Omit the pictures and output every entry below exactly as written.

Top of INFORMATION PROVIDED

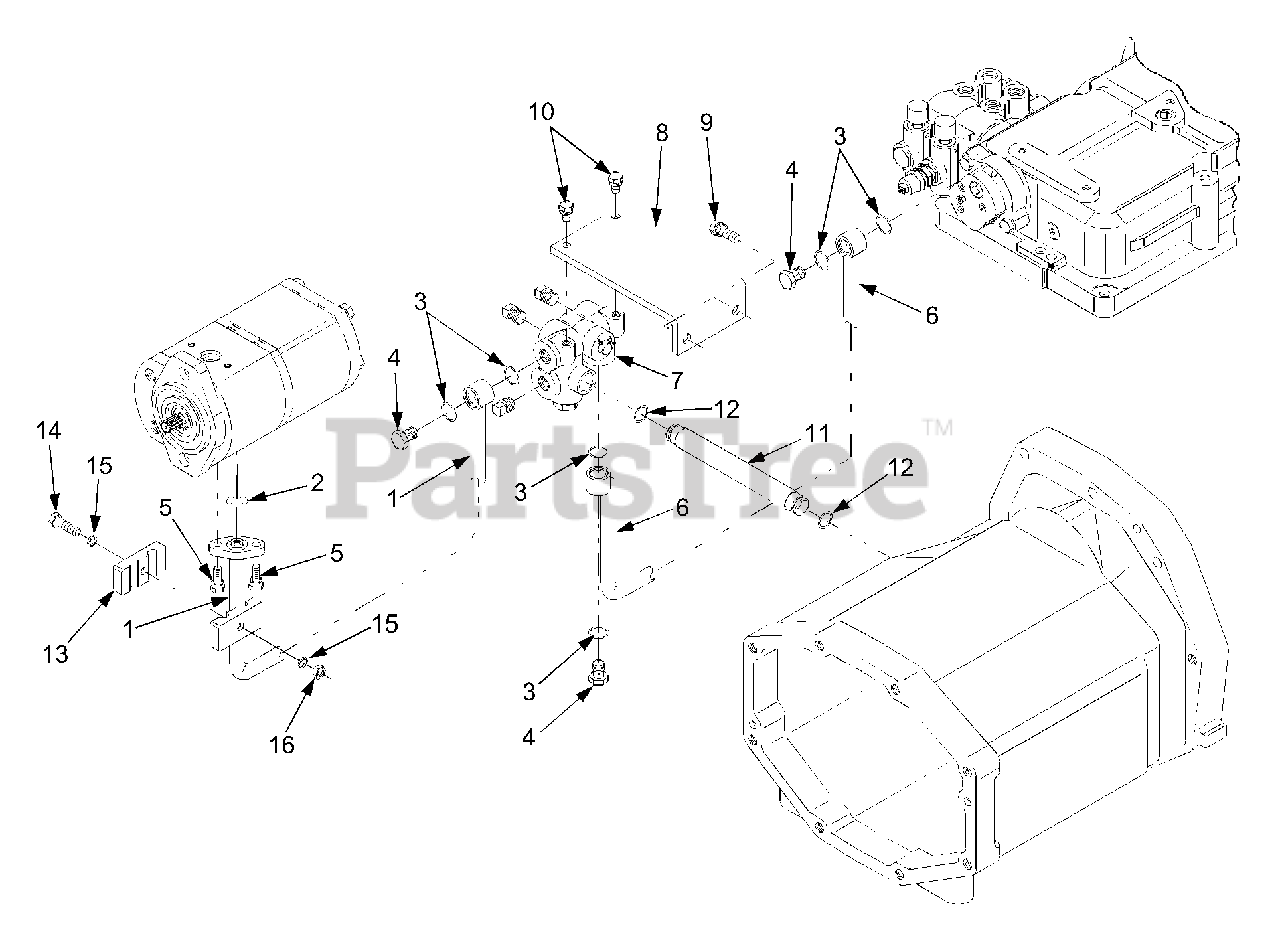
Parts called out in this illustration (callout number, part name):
1	Pipe 1, Hydraulic
6	Pipe 2, Hydraulic
7	Hydraulic Block Ass'y
8	Support, Hydraulic Block
13	Clamp 2, Pipe
15	Washer, Plain
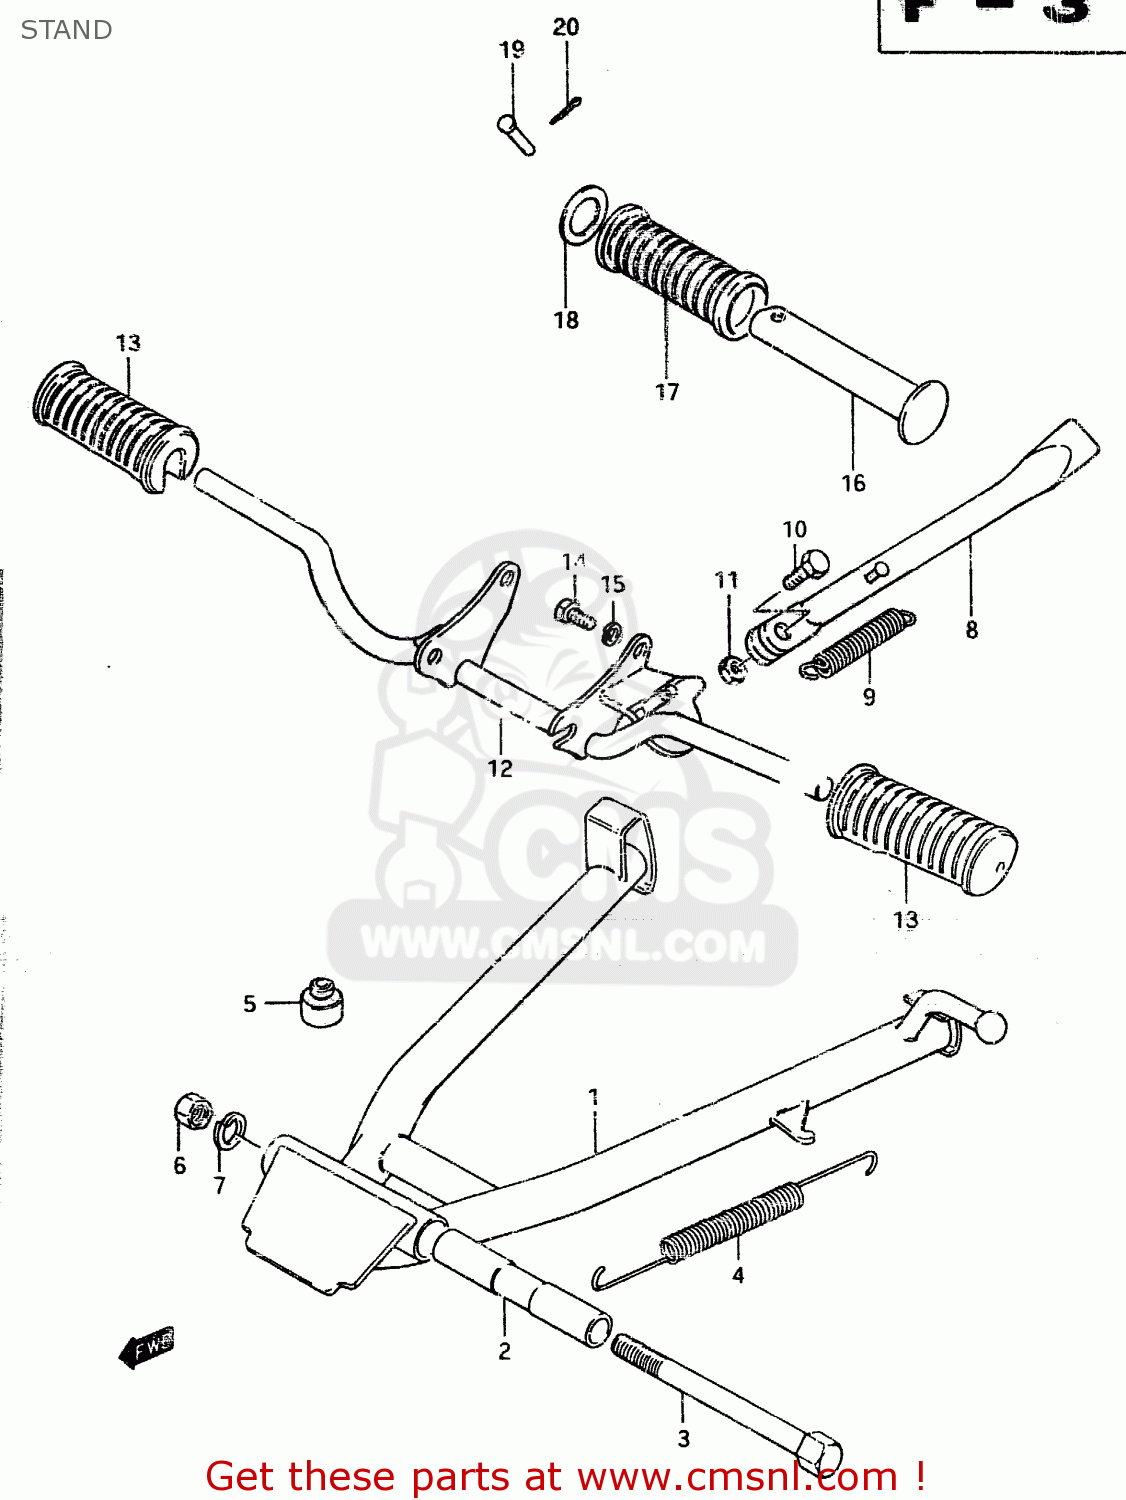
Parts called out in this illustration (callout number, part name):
1	STAND, CENTER
2	SPACER
3	BOLT(10X110)
4	SPRING
5	CUSHION
6	NUT
7	LOCK WASHER
8	STAND, PROP
9	SPRING
10	BOLT
11	NUT
12	BAR, FRONT FOOTREST
13	RUBBER,FR FOOTREST
14	BOLT
15	LOCK WASHER
16	BAR,FOOTREST RUBBER
17	RUBBER,PILLION FOOTREST
18	WASHER (19.5X32X2)
19	PIN
20	PIN 20X20

Bottom of INFORMATION PROVIDED

ANSWER FOR THE TASK —
Parts called out in this illustration (callout number, part name):
1	Pipe 1, Hydraulic
6	Pipe 2, Hydraulic
7	Hydraulic Block Ass'y
8	Support, Hydraulic Block
13	Clamp 2, Pipe
15	Washer, Plain
Parts called out in this illustration (callout number, part name):
1	STAND, CENTER
2	SPACER
3	BOLT(10X110)
4	SPRING
5	CUSHION
6	NUT
7	LOCK WASHER
8	STAND, PROP
9	SPRING
10	BOLT
11	NUT
12	BAR, FRONT FOOTREST
13	RUBBER,FR FOOTREST
14	BOLT
15	LOCK WASHER
16	BAR,FOOTREST RUBBER
17	RUBBER,PILLION FOOTREST
18	WASHER (19.5X32X2)
19	PIN
20	PIN 20X20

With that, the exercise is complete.